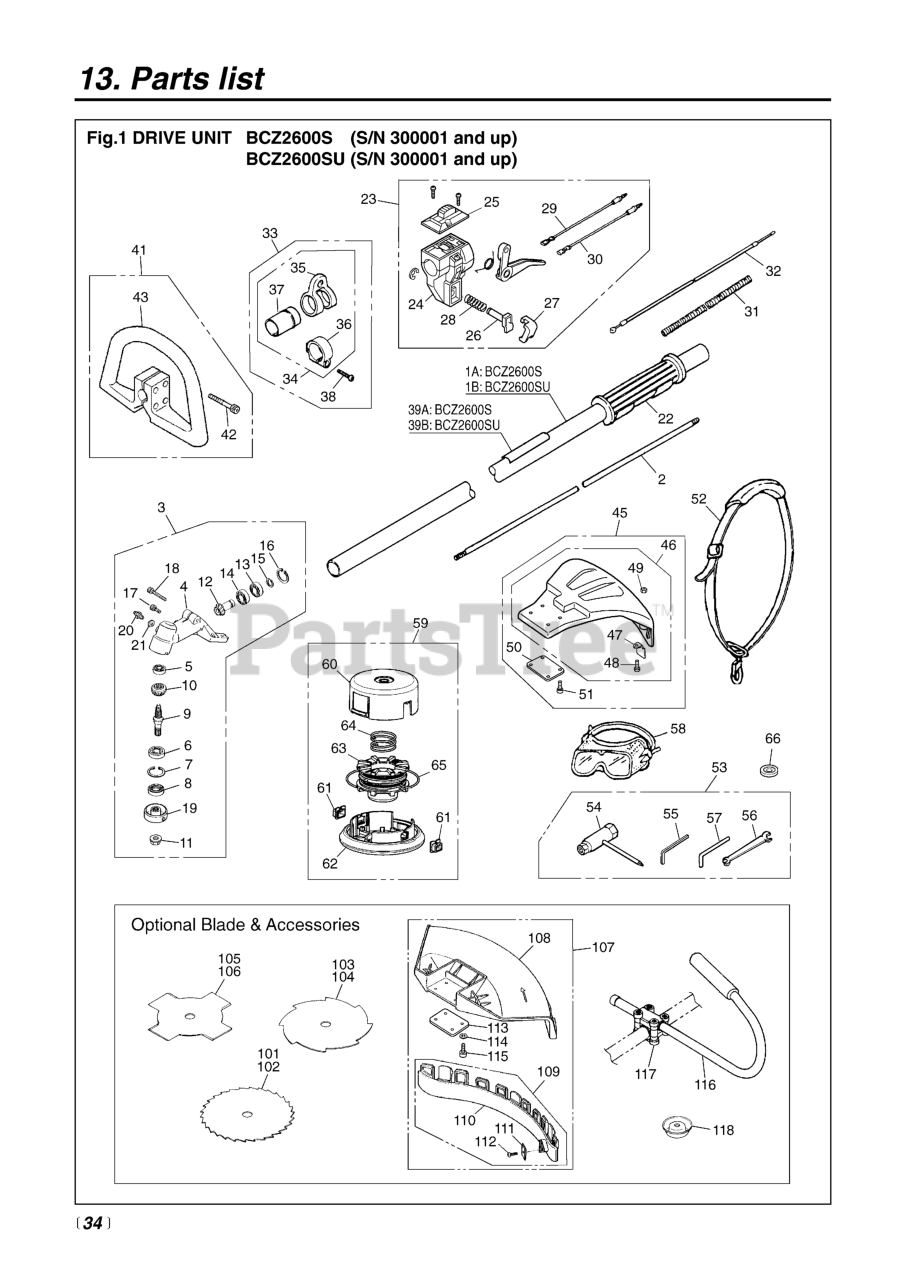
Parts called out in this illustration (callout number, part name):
1A	PIPE COMP (REPLACES -12100)
2	SHAFT (RPLS -12212)
3	GEARCASE ASSY (RPLS -13000)
4	GEARCASE
7	RING, SNAP, M26 X 1.2
8	SEAL, OIL
9	SHAFT
10	GEAR
11	NUT
12	PINION
16	RING, SNAP, M24 x 1.2
17	BOLT, M5 X 10
18	BOLT
19	HOLDER (A)
20	FITTING, GREASE
21	WASHER, M6 X .8
22	GRIP (RPLS 3577-32140 & 3220-
24	LEVER (USE 848-8R2-0313)
25	COVER (USE 848-8RA-0340)
29	CORD (A), BLACK
30	CORD (B), RED
31	TUBE (RPLS 4900-72141)
32	CABLE (RPLS 5580-83100)
33	HANGER ASSEMBLY
34	HANGER COMPLETE
35	HANGER
36	CLAMP
37	SLEEVE
38	SCREW, M5 x 25
39A	LABEL NAME & CAUTION
41	HANDLE ASSY.
42	HANDLE T
43	SCREW, M5 x 30
45	GUARD ASSY (RPLS -24000)
46	GUARD COMP (RPLS. -24100)
47	BLADE (RPLS T3002-24120)
48	SCREW
49	NUT
50	PLATE
51	BOLT (USE 3310-31720)
52	STRAP ASSY. (USE 848-JC0-3610)
54	SOCKET
55	WRENCH (TOOL)
56	SPANNER, 8 X 10 (RPLS 2540- )
57	BAR
58	GOGGLE
59	TAP HEAD COMP.
60	CASE (REPLACES -15111)
61	EYELET
62	COVER (REPLACES -15131)
63	HOLDER, CORD (REPLACES-15141)
64	SPRING
65	CORD
66	HOLDER (B)
101	BLADE, 9
102	BLADE, 9
103	BLADE, 8
104	BLADE, 9
105	BLADE, 8
106	BLADE, 9
107	GUARD ASSEMBLY
108	GUARD
109	PLATE COMPLETE
110	PLATE
111	BLADE
113	PLATE
114	WASHER, SPRING M4 x 1.3
115	BOLT, M5 X 16
116	HANDLE, J
117	BRACKET ASSY (REPLACES -14100)
118	COVER

------------------------------------

Search the entries for the string "ASSY". Copy every line that has it.

- REPLY TO THE EXERCISE:
3	GEARCASE ASSY (RPLS -13000)
41	HANDLE ASSY.
45	GUARD ASSY (RPLS -24000)
52	STRAP ASSY. (USE 848-JC0-3610)
117	BRACKET ASSY (REPLACES -14100)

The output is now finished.